Replaced with another! your right there.....prob replaced with another 5 where Gordo is


----------



## waruikazi (Feb 22, 2011)

dale1988 said:


> keep us posted very interesting



Just heard it has been killed. Was shot several times and went under. No one is game to retrieve the body yet... i think they are waiting on getting boat out so the can tie it up and drag it ashore.



Waterrat said:


> Is that where you go swimming after work Gordo?



Haha! I'm terrified of water up here, i wont even walk in the grass next to the rivers and billabongs without a rifle!



dale1988 said:


> so are they not gonna bother trying to capture and relocate it?



Crocs, especially the big males, do not relocate well. There have been several studies done that show crocs will home back to their original location, even from thousands of kilometres away. 

Most crocs are wary of people, this one is not. It has taken a dog and has been hanging around for the last few weeks. It was living only metres from peoples back yards (including mine) where there are no fences and crocs are known to hunt on land at night. The risk to human life from this animal is too great, it was it's time.



Darlyn said:


> They are certainly on the move up here at the moment.
> Can't see the point in shooting it though.
> The amount of water around it will probably just be replaced by another.
> 
> ...


 
There's thousands of them out this way and it's not the only one in the area but because of how cheeky it is it needs to be removed.



guzzo said:


> Replaced with another! your right there.....prob replaced with another 5 where Gordo is



This is the second one that has been shot in the last week. Last year we had two in peoples back yards (including one 3.5m jobbie) that i know of and the previous year there were two large ones either shot or removed from the communities streets. They definately aren't going extinct out here.


----------



## Jay84 (Feb 23, 2011)

Anymore news or pics?!?!?!?!


----------



## waruikazi (Feb 23, 2011)

Oh funny you should ask Jay. The big one was killed yesterday but the body sunk after being shot, i spoke to the police they are waiting for the body to bloat and float to the surface before it is retrieved. But a second large croc turned up yesterday afteroon which was also shot this morning. This pic was taken while they were looking for the second croc.

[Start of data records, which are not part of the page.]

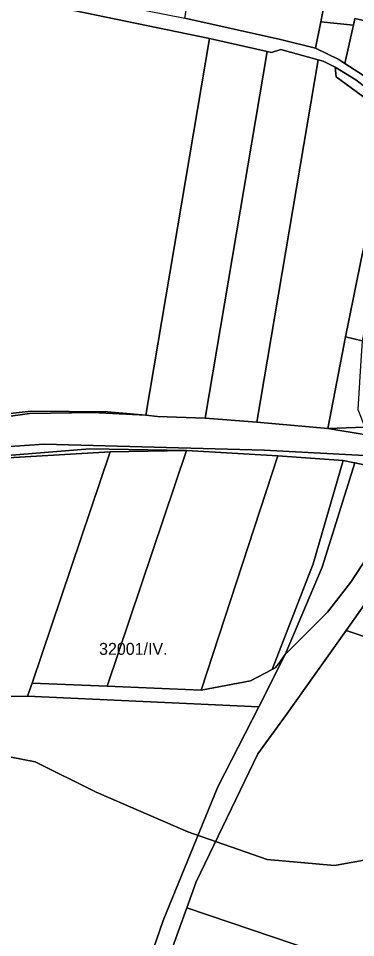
# Model space of a CAD drawing. Extents: x -545779 to -541342, y -1153413 to -1149956.
# Drawn here: x -544485.9 to -544345, y -1151642.9 to -1151258.7 of the extents above; entities that cross this region are included whole.
import ezdxf

# ---------------------------------------------------------------- set-up
doc = ezdxf.new("R2010")
doc.units = 0
for name, color, linetype in [('95560013', 7, 'Continuous'), ('95590013', 7, 'Continuous'), ('95600013', 7, 'Continuous'), ('95610013', 7, 'Continuous'), ('95640013', 7, 'Continuous'), ('95660013', 7, 'Continuous')]:
    doc.layers.add(name, color=color, linetype=linetype)

msp = doc.modelspace()

# ---------------------------------------------------------------- linework, layer by layer
at = {"layer": '95560013'}
for points in [[(-544534.87, -1151430.66), (-544560.82, -1151436.56), (-544598.93, -1151442.97), (-544581.26, -1151338.43), (-544563.58, -1151233.89), (-544518.88, -1151243.65), (-544406.01, -1151267.06), (-544432.64, -1151424.59), (-544448.69, -1151423.1), (-544480.64, -1151422.82), (-544509.45, -1151426.08)], [(-544427.72, -1151425.05), (-544432.64, -1151424.59), (-544406.01, -1151267.06), (-544381.96, -1151272.53), (-544407.86, -1151425.74)], [(-544407.86, -1151425.74), (-544381.96, -1151272.53), (-544380.12, -1151272.95), (-544376.21, -1151271.68), (-544360.6, -1151276), (-544386.22, -1151427.51)], [(-544358.51, -1151276.58), (-544353.61, -1151279.04), (-544353.12, -1151283.1), (-544338.53, -1151293.83), (-544336.38, -1151296.81), (-544334.45, -1151298.99), (-544333.93, -1151316.81), (-544337.5, -1151335.87), (-544342.65, -1151359.51), (-544347.81, -1151384.94), (-544349.21, -1151391.85), (-544356.61, -1151430.05), (-544386.22, -1151427.51), (-544360.6, -1151276)], [(-544332.09, -1151296.26), (-544328.86, -1151303.25), (-544328.78, -1151314.84), (-544329.71, -1151331.38), (-544329.9, -1151332.33), (-544340.23, -1151383.48), (-544342.25, -1151393.49), (-544349.21, -1151391.85), (-544347.81, -1151384.94), (-544342.65, -1151359.51), (-544337.5, -1151335.87), (-544333.93, -1151316.81), (-544334.45, -1151298.99), (-544336.38, -1151296.81), (-544338.53, -1151293.83), (-544353.12, -1151283.1), (-544353.61, -1151279.04), (-544344.97, -1151284.38), (-544336.96, -1151290.58)], [(-544572.23, -1151542.64), (-544540.71, -1151449.17), (-544506.92, -1151443.28), (-544447.61, -1151439.82), (-544480.22, -1151536.5), (-544482.08, -1151542.04), (-544556.71, -1151542.54)], [(-544480.22, -1151536.5), (-544447.61, -1151439.82), (-544415.66, -1151439.36), (-544448.86, -1151537.81)], [(-544409.57, -1151539.45), (-544377.46, -1151441.48), (-544350.17, -1151443.45), (-544362.73, -1151486.61), (-544379.85, -1151530.83), (-544388.93, -1151535.59)], [(-544330.23, -1151488.03), (-544267.95, -1151509.09), (-544275.88, -1151539.22), (-544348.98, -1151514.49)], [(-544411.63, -1151619.63), (-544385.88, -1151566.12), (-544374.27, -1151550.18), (-544348.98, -1151514.49), (-544275.88, -1151539.22), (-544308.61, -1151666.67), (-544415.57, -1151630.49)], [(-544455.29, -1151722.05), (-544457.82, -1151723.4), (-544605.38, -1151684.64), (-544556.71, -1151542.54), (-544482.08, -1151542.04), (-544385.47, -1151546.37), (-544402.51, -1151579.84), (-544425.47, -1151635.75)], [(-544319.09, -1151706.41), (-544325.87, -1151749.51), (-544330.86, -1151782.36), (-544337.64, -1151820.46), (-544340.91, -1151841.16), (-544342.22, -1151847.52), (-544474.71, -1151802.71), (-544442.81, -1151708.38), (-544438.68, -1151702.96), (-544432.02, -1151684.69), (-544431.97, -1151675.83), (-544415.57, -1151630.49), (-544308.61, -1151666.67), (-544309.29, -1151669.8)]]:
    msp.add_lwpolyline(points, close=True, dxfattribs=at)
at = {"layer": '95590013'}
for points in [[(-544358.05, -1151252.48), (-544358.15, -1151252.98), (-544359.55, -1151260.12), (-544361.72, -1151271.16), (-544376.33, -1151267.55), (-544416.31, -1151258.67), (-544392.55, -1151118.14), (-544340.12, -1151137.33), (-544340.13, -1151138.59), (-544349.7, -1151135.7), (-544355.92, -1151205.89), (-544357.7, -1151225.87), (-544353.73, -1151226.36), (-544354.93, -1151234.65), (-544355.95, -1151241.9)], [(-544336.85, -1151254.74), (-544326.33, -1151255.53), (-544324.7, -1151255.9), (-544326.16, -1151263.08), (-544330.01, -1151262.21), (-544341.03, -1151259.73), (-544345.32, -1151258.76), (-544345.94, -1151261.56), (-544359.55, -1151260.12), (-544358.15, -1151252.98), (-544358.05, -1151252.48)], [(-544349.44, -1151277.57), (-544352.01, -1151275.9), (-544361.72, -1151271.16), (-544359.55, -1151260.12), (-544345.94, -1151261.56), (-544346.17, -1151262.61)], [(-544331.29, -1151455.07), (-544323.85, -1151458.96), (-544346.93, -1151494.3), (-544356.79, -1151506.85), (-544374.44, -1151524.6), (-544358.92, -1151488.07), (-544345.38, -1151444.48), (-544328.51, -1151448.1)]]:
    msp.add_lwpolyline(points, close=True, dxfattribs=at)
at = {"layer": '95600013'}
msp.add_lwpolyline([(-544377.46, -1151441.48), (-544409.57, -1151539.45), (-544448.86, -1151537.81), (-544415.66, -1151439.36)], close=True, dxfattribs=at)
at = {"layer": '95610013'}
msp.add_lwpolyline([(-544349.21, -1151391.85), (-544342.25, -1151393.49), (-544342.89, -1151403.92), (-544344.02, -1151422.2), (-544341.1, -1151429.5), (-544356.61, -1151430.05)], close=True, dxfattribs=at)
at = {"layer": '95640013'}
for points in [[(-544517.96, -1151238.54), (-544416.31, -1151258.67), (-544376.33, -1151267.55), (-544361.72, -1151271.16), (-544352.01, -1151275.9), (-544349.44, -1151277.57), (-544339.82, -1151283.83), (-544335.78, -1151285.78), (-544332.89, -1151286.27), (-544330.54, -1151284.54), (-544332.09, -1151296.26), (-544336.96, -1151290.58), (-544344.97, -1151284.38), (-544353.61, -1151279.04), (-544358.51, -1151276.58), (-544360.6, -1151276), (-544376.21, -1151271.68), (-544380.12, -1151272.95), (-544381.96, -1151272.53), (-544406.01, -1151267.06), (-544518.88, -1151243.65)], [(-544707.14, -1151456.12), (-544647.37, -1151451.12), (-544638.67, -1151449.66), (-544598.93, -1151442.97), (-544560.82, -1151436.56), (-544534.87, -1151430.66), (-544509.45, -1151426.08), (-544480.64, -1151422.82), (-544448.69, -1151423.1), (-544432.64, -1151424.59), (-544454.9, -1151423.44), (-544481.23, -1151423.83), (-544522.9, -1151429.64), (-544581.14, -1151441.43), (-544627.05, -1151449.27), (-544653.47, -1151452.86), (-544707.54, -1151457.79)], [(-544522.9, -1151429.64), (-544481.23, -1151423.83), (-544454.9, -1151423.44), (-544432.64, -1151424.59), (-544427.72, -1151425.05), (-544407.86, -1151425.74), (-544386.22, -1151427.51), (-544356.61, -1151430.05), (-544324.56, -1151435.4)], [(-544735.88, -1151473.84), (-544680.32, -1151469.51), (-544652.11, -1151466.54), (-544624.55, -1151462.6), (-544577.97, -1151454.24), (-544519.82, -1151443.71), (-544456.12, -1151438.64), (-544415.66, -1151439.36), (-544447.61, -1151439.82), (-544506.92, -1151443.28), (-544540.71, -1151449.17), (-544593.95, -1151458.46), (-544640.54, -1151466.58), (-544646.97, -1151467.7), (-544663.43, -1151469.03), (-544733.67, -1151474.7)], [(-544328.51, -1151448.1), (-544345.38, -1151444.48), (-544346.19, -1151444.28), (-544350.17, -1151443.45), (-544377.46, -1151441.48), (-544415.66, -1151439.36), (-544456.12, -1151438.64), (-544519.82, -1151443.71)], [(-544455.29, -1151722.05), (-544425.47, -1151635.75), (-544402.51, -1151579.84), (-544385.47, -1151546.37), (-544374.44, -1151524.6), (-544356.79, -1151506.85), (-544346.93, -1151494.3), (-544323.85, -1151458.96), (-544318.6, -1151449.9), (-544302.52, -1151452.98), (-544315.45, -1151471.39), (-544321.64, -1151475.91), (-544330.23, -1151488.03), (-544348.98, -1151514.49), (-544374.27, -1151550.18), (-544385.88, -1151566.12), (-544411.63, -1151619.63), (-544415.57, -1151630.49), (-544431.97, -1151675.83)]]:
    msp.add_lwpolyline(points, dxfattribs=at)
for points in [[(-544332.89, -1151286.27), (-544335.78, -1151285.78), (-544339.82, -1151283.83), (-544349.44, -1151277.57), (-544346.17, -1151262.61), (-544345.94, -1151261.56), (-544345.32, -1151258.76), (-544341.03, -1151259.73), (-544330.01, -1151262.21), (-544326.16, -1151263.08), (-544330.54, -1151284.54)], [(-544341.1, -1151429.5), (-544323.5, -1151432.72), (-544324.56, -1151435.4), (-544356.61, -1151430.05)], [(-544374.44, -1151524.6), (-544377.03, -1151528.36), (-544378.59, -1151530.19), (-544379.85, -1151530.83), (-544362.73, -1151486.61), (-544350.17, -1151443.45), (-544346.19, -1151444.28), (-544345.38, -1151444.48), (-544358.92, -1151488.07)], [(-544377.03, -1151528.36), (-544374.44, -1151524.6), (-544385.47, -1151546.37), (-544482.08, -1151542.04), (-544480.22, -1151536.5), (-544448.86, -1151537.81), (-544409.57, -1151539.45), (-544388.93, -1151535.59), (-544379.85, -1151530.83), (-544378.59, -1151530.19)]]:
    msp.add_lwpolyline(points, close=True, dxfattribs=at)
at = {"layer": '95660013'}
for points in [[(-544327.072, -1151247.821), (-544336.004, -1151291.204), (-544325.796, -1151297.584), (-544325.796, -1151315.448), (-544315.588, -1151329.483), (-544304.105, -1151347.347), (-544293.897, -1151360.107), (-544288.794, -1151367.762), (-544288.794, -1151370.314), (-544286.241, -1151377.97), (-544287.518, -1151393.282), (-544292.621, -1151409.869), (-544295.173, -1151425.181), (-544295.173, -1151432.837), (-544288.794, -1151439.216), (-544278.585, -1151446.872), (-544265.825, -1151449.424), (-544259.445, -1151453.252), (-544253.066, -1151460.908), (-544296.449, -1151449.424), (-544333.452, -1151441.768), (-544383.215, -1151439.216), (-544475.085, -1151436.665), (-544512.088, -1151439.216)], [(-544512.088, -1151439.216), (-544475.085, -1151436.665), (-544383.215, -1151439.216), (-544333.452, -1151441.768), (-544296.449, -1151449.424), (-544253.066, -1151460.908), (-544261.998, -1151506.843), (-544283.689, -1151588.505), (-544301.553, -1151594.884), (-544323.245, -1151605.092), (-544339.831, -1151610.196), (-544353.868, -1151612.748), (-544381.939, -1151610.196), (-544415.114, -1151598.712), (-544453.393, -1151582.125), (-544478.912, -1151569.365), (-544518.467, -1151561.709)], [(-544518.467, -1151561.709), (-544478.912, -1151569.365), (-544453.393, -1151582.125), (-544415.114, -1151598.712), (-544381.939, -1151610.196), (-544353.868, -1151612.748), (-544339.831, -1151610.196), (-544323.245, -1151605.092), (-544301.553, -1151594.884), (-544283.689, -1151588.505), (-544292.621, -1151633.163), (-544301.51, -1151661.3)]]:
    msp.add_lwpolyline(points, dxfattribs=at)

# ---------------------------------------------------------------- texts
msp.add_text('32001/IV.', height=5, rotation=0, dxfattribs=at).set_placement((-544452.193, -1151524.706))

doc.saveas('drawing.dxf')

Both of them were very large 4m+ animals.


----------



## Jay84 (Feb 23, 2011)

Wow, 2 crocs in a number of days.

Do they pose much of a threat to the locals? ie- do the locals use the local waterways for fishing etc etc?

It is a shame they have to be killed, but i can see why it is necessary.

Keep us updated with pics of the animals once they have been recovered!!!


----------



## Waterrat (Feb 23, 2011)

I understand the situation, still, trophy hunters would have paid big $$$ for the two crocks (could subsidise you salary LOL). Seems like bit of a waste. Are the croc hunters on the top of a 4WD scared to get into a boat and secure the bodies? They won't be much good bloated.


----------



## saximus (Feb 23, 2011)

Wow Gordo you should get danger money. I'd love to see a 4m croc in real life


----------



## guzzo (Feb 23, 2011)

Here are a couple pics of crocs I took that are over 4 meters. 
The old one with the ribs showing has had his day and has been pushed out of his territory by younger stronger crocs (like in the other photo) and has to slink away in the shadows scavenging on whatever food he can find. 
This old croc can be a real danger to people as it is starving and often loose their fear of people as hunger sets in. 
Even an old hungry croc that has had its day in the sun is more than a match for a soft stupid person.
Often when there is flooding old crocs being pushed out of territory and young ones looking to establish territory can end up in places like Gordos back yard and both present a real danger.
View attachment 187759
View attachment 187758


----------



## waruikazi (Feb 23, 2011)

Jay84 said:


> Wow, 2 crocs in a number of days.
> 
> Do they pose much of a threat to the locals? ie- do the locals use the local waterways for fishing etc etc?
> 
> ...



Yes the do Jay. The one that was shot yesterday took a dog in the days leading up and the ladies and kids do like to go fishing right on that spot.



Waterrat said:


> I understand the situation, still, trophy hunters would have paid big $$$ for the two crocks (could subsidise you salary LOL). Seems like bit of a waste. Are the croc hunters on the top of a 4WD scared to get into a boat and secure the bodies? They won't be much good bloated.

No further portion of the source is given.